A picture-free, exact copy of all the records below is the goal.

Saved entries
---+---
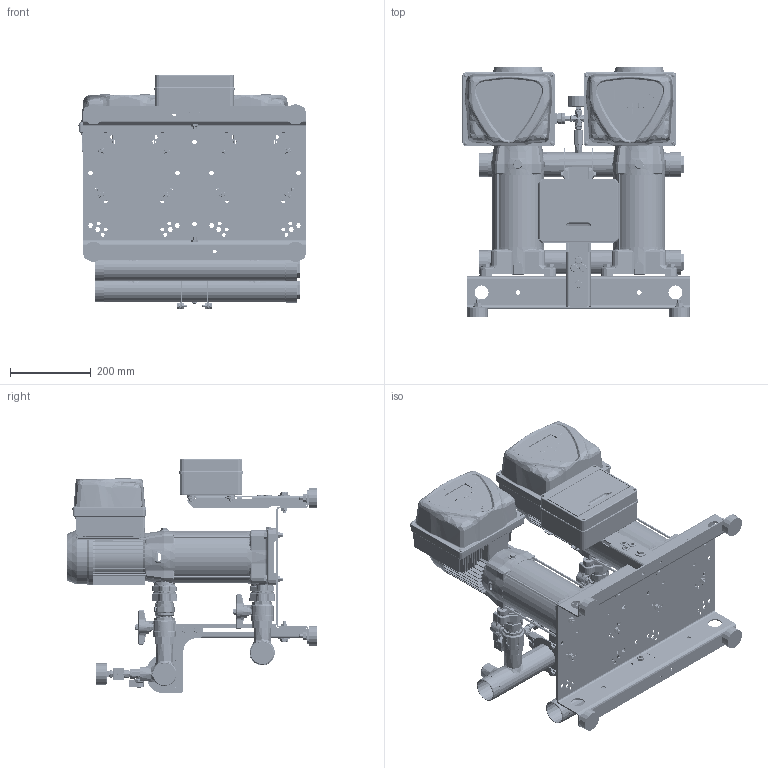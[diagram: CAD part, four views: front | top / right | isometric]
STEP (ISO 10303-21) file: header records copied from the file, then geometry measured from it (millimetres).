
FILE_DESCRIPTION((''),'2;1');
FILE_NAME('2GPE_CVM_A15_ESPM_REV4_ASM','2024-12-03T11:44:19',('Utente'),('"Ebara Pumps Europe S.p.A"'),'CREO PARAMETRIC BY PTC INC, 2022124','CREO PARAMETRIC BY PTC INC, 2022124','');
FILE_SCHEMA(('AUTOMOTIVE_DESIGN { 1 0 10303 214 1 1 1 1 }'));
Products named in the file (45): 62508_275562936; CALOTTA_F_A304_DN50_369800820; VAL_INT_MF_OTN_CIM301-14_DN32; VAL_INT_M-F_OTN_CIM301_DN32_ASM; EP_CVM_A-15_R; EP_CVM_A-15_R_ASM; ADATTATORE_E-SPD_MEC71; E-SPD_ADATTATORE_MEC71_ASM; BACK_E-SPD_PLUS_2200-4000; COVER_E-SPD_PLUS_2200-4000; COM_E-SPDM_MEC71_VERT_ASM; VAL-NR-MF-OTN-CIM32-DN32; VALV_NR_MF_CIM32_DN32_ASM; RONDEL-P_FE_ZN_UNI6592_M10; DADO_AUTOAGG_M10_ESAG; VITI_TE_ISO4017_M10_L40; 62513_275562944; VAL_INT_MF_OTN_CIM012_DN8; NIPPLO_OTG_8_380000861; CROCE_OTG_DN8_380000881; TRASD_16BAR_460500024; MAN_POS_D50_10BAR_361600003; BASE_2GP_I300-B300_DNRV; MONTANTE_H300_271472898; PIEDINO_CIL_369650010; DADI_NORM_ISO4032_FE_ZN_M10; RONDEL-P_ZN_UNI6593_M10X30X2-5; VITI_TE_ISO4017_M10_L45; TRAVERSO_MONT_L200_271472882; RONDEL-P_FE_ZN_UNI6593_M6X18X2; RONDEL-P_FE_ZN_UNI6592_M6; VITI_TE_ISO4017_M6_L20; DADI_NORM_ISO4032_FE_ZN_M6; DNRV_2P_I300-B300_H300-Q195X150_ASM; QUADRO_PROT_2P_M_ELENTEK; PG_PVC_D10-5_380000891; TAPPO-SALVAFIL_D31; 271473006; 271472998; 72578_271473004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
Assembly tree (134 placements, depth 3):
  2GPE_CVM_A15_ESPM_REV4_ASM
    62508_275562936
    CALOTTA_F_A304_DN50_369800820  x2
    VAL_INT_M-F_OTN_CIM301_DN32_ASM  x4
      VAL_INT_MF_OTN_CIM301-14_DN32
    EP_CVM_A-15_R_ASM  x2
      EP_CVM_A-15_R
    E-SPD_ADATTATORE_MEC71_ASM  x2
      ADATTATORE_E-SPD_MEC71
    COM_E-SPDM_MEC71_VERT_ASM  x2
      BACK_E-SPD_PLUS_2200-4000
      COVER_E-SPD_PLUS_2200-4000
    VALV_NR_MF_CIM32_DN32_ASM  x2
      VAL-NR-MF-OTN-CIM32-DN32
    RONDEL-P_FE_ZN_UNI6592_M10  x8
    DADO_AUTOAGG_M10_ESAG  x9
    VITI_TE_ISO4017_M10_L40  x8
    62513_275562944
    VAL_INT_MF_OTN_CIM012_DN8
    NIPPLO_OTG_8_380000861
    CROCE_OTG_DN8_380000881
    TRASD_16BAR_460500024  x2
    MAN_POS_D50_10BAR_361600003
    DNRV_2P_I300-B300_H300-Q195X150_ASM
      BASE_2GP_I300-B300_DNRV
      MONTANTE_H300_271472898
      PIEDINO_CIL_369650010  x4
      RONDEL-P_FE_ZN_UNI6592_M10  x4
      DADI_NORM_ISO4032_FE_ZN_M10  x4
      RONDEL-P_ZN_UNI6593_M10X30X2-5
      VITI_TE_ISO4017_M10_L45
      TRAVERSO_MONT_L200_271472882  x2
      RONDEL-P_FE_ZN_UNI6593_M6X18X2  x8
      RONDEL-P_FE_ZN_UNI6592_M6  x4
      VITI_TE_ISO4017_M6_L20  x4
      DADI_NORM_ISO4032_FE_ZN_M6  x4
      DADO_AUTOAGG_M10_ESAG
    QUADRO_PROT_2P_M_ELENTEK
    PG_PVC_D10-5_380000891  x3
    TAPPO-SALVAFIL_D31  x2
    271473006
    271472998  x2
    72578_271473004  x2
    RONDEL-P_ZN_UNI6593_M10X30X2-5
    VITI_TE_ISO4017_M10_L45
    RONDEL-P_FE_ZN_UNI6592_M8  x12
    VITI_TE_ISO4017_M8_L18  x8
    DADI_NORM_ISO4032_FE_ZN_M8  x4
    DADO_AUTOAGG_M8_ESAG  x4
Bounding box: 562.5 x 617.6 x 581.25 mm (x, y, z)
Volume: 4114807.6 mm3; surface area: 4556076.3 mm2
Topology: 296 solids, 1277 shells, 32658 faces, 85173 edges, 52542 vertices
Faces by surface type: plane 15767, cylinder 8005, bspline 2637, sphere 2073, cone 1521, extrusion 1426, torus 1229
Entity records: 735289 total; most frequent: CARTESIAN_POINT 288288, ORIENTED_EDGE 74528, DIRECTION 71820, EDGE_CURVE 38610, VERTEX_POINT 24222, AXIS2_PLACEMENT_3D 23963, VECTOR 23762, LINE 23132
---+---
Task solution:
[diagram: CAD part, four views: front | top / right | isometric]
STEP (ISO 10303-21) file: header records copied from the file, then geometry measured from it (millimetres).
FILE_DESCRIPTION((''),'2;1');
FILE_NAME('2GPE_CVM_A15_ESPM_REV4_ASM','2024-12-03T11:44:19',('Utente'),('"Ebara Pumps Europe S.p.A"'),'CREO PARAMETRIC BY PTC INC, 2022124','CREO PARAMETRIC BY PTC INC, 2022124','');
FILE_SCHEMA(('AUTOMOTIVE_DESIGN { 1 0 10303 214 1 1 1 1 }'));
Products named in the file (45): 62508_275562936; CALOTTA_F_A304_DN50_369800820; VAL_INT_MF_OTN_CIM301-14_DN32; VAL_INT_M-F_OTN_CIM301_DN32_ASM; EP_CVM_A-15_R; EP_CVM_A-15_R_ASM; ADATTATORE_E-SPD_MEC71; E-SPD_ADATTATORE_MEC71_ASM; BACK_E-SPD_PLUS_2200-4000; COVER_E-SPD_PLUS_2200-4000; COM_E-SPDM_MEC71_VERT_ASM; VAL-NR-MF-OTN-CIM32-DN32; VALV_NR_MF_CIM32_DN32_ASM; RONDEL-P_FE_ZN_UNI6592_M10; DADO_AUTOAGG_M10_ESAG; VITI_TE_ISO4017_M10_L40; 62513_275562944; VAL_INT_MF_OTN_CIM012_DN8; NIPPLO_OTG_8_380000861; CROCE_OTG_DN8_380000881; TRASD_16BAR_460500024; MAN_POS_D50_10BAR_361600003; BASE_2GP_I300-B300_DNRV; MONTANTE_H300_271472898; PIEDINO_CIL_369650010; DADI_NORM_ISO4032_FE_ZN_M10; RONDEL-P_ZN_UNI6593_M10X30X2-5; VITI_TE_ISO4017_M10_L45; TRAVERSO_MONT_L200_271472882; RONDEL-P_FE_ZN_UNI6593_M6X18X2; RONDEL-P_FE_ZN_UNI6592_M6; VITI_TE_ISO4017_M6_L20; DADI_NORM_ISO4032_FE_ZN_M6; DNRV_2P_I300-B300_H300-Q195X150_ASM; QUADRO_PROT_2P_M_ELENTEK; PG_PVC_D10-5_380000891; TAPPO-SALVAFIL_D31; 271473006; 271472998; 72578_271473004
Assembly tree (134 placements, depth 3):
  2GPE_CVM_A15_ESPM_REV4_ASM
    62508_275562936
    CALOTTA_F_A304_DN50_369800820  x2
    VAL_INT_M-F_OTN_CIM301_DN32_ASM  x4
      VAL_INT_MF_OTN_CIM301-14_DN32
    EP_CVM_A-15_R_ASM  x2
      EP_CVM_A-15_R
    E-SPD_ADATTATORE_MEC71_ASM  x2
      ADATTATORE_E-SPD_MEC71
    COM_E-SPDM_MEC71_VERT_ASM  x2
      BACK_E-SPD_PLUS_2200-4000
      COVER_E-SPD_PLUS_2200-4000
    VALV_NR_MF_CIM32_DN32_ASM  x2
      VAL-NR-MF-OTN-CIM32-DN32
    RONDEL-P_FE_ZN_UNI6592_M10  x8
    DADO_AUTOAGG_M10_ESAG  x9
    VITI_TE_ISO4017_M10_L40  x8
    62513_275562944
    VAL_INT_MF_OTN_CIM012_DN8
    NIPPLO_OTG_8_380000861
    CROCE_OTG_DN8_380000881
    TRASD_16BAR_460500024  x2
    MAN_POS_D50_10BAR_361600003
    DNRV_2P_I300-B300_H300-Q195X150_ASM
      BASE_2GP_I300-B300_DNRV
      MONTANTE_H300_271472898
      PIEDINO_CIL_369650010  x4
      RONDEL-P_FE_ZN_UNI6592_M10  x4
      DADI_NORM_ISO4032_FE_ZN_M10  x4
      RONDEL-P_ZN_UNI6593_M10X30X2-5
      VITI_TE_ISO4017_M10_L45
      TRAVERSO_MONT_L200_271472882  x2
      RONDEL-P_FE_ZN_UNI6593_M6X18X2  x8
      RONDEL-P_FE_ZN_UNI6592_M6  x4
      VITI_TE_ISO4017_M6_L20  x4
      DADI_NORM_ISO4032_FE_ZN_M6  x4
      DADO_AUTOAGG_M10_ESAG
    QUADRO_PROT_2P_M_ELENTEK
    PG_PVC_D10-5_380000891  x3
    TAPPO-SALVAFIL_D31  x2
    271473006
    271472998  x2
    72578_271473004  x2
    RONDEL-P_ZN_UNI6593_M10X30X2-5
    VITI_TE_ISO4017_M10_L45
    RONDEL-P_FE_ZN_UNI6592_M8  x12
    VITI_TE_ISO4017_M8_L18  x8
    DADI_NORM_ISO4032_FE_ZN_M8  x4
    DADO_AUTOAGG_M8_ESAG  x4
Bounding box: 562.5 x 617.6 x 581.25 mm (x, y, z)
Volume: 4114807.6 mm3; surface area: 4556076.3 mm2
Topology: 296 solids, 1277 shells, 32658 faces, 85173 edges, 52542 vertices
Faces by surface type: plane 15767, cylinder 8005, bspline 2637, sphere 2073, cone 1521, extrusion 1426, torus 1229
Entity records: 735289 total; most frequent: CARTESIAN_POINT 288288, ORIENTED_EDGE 74528, DIRECTION 71820, EDGE_CURVE 38610, VERTEX_POINT 24222, AXIS2_PLACEMENT_3D 23963, VECTOR 23762, LINE 23132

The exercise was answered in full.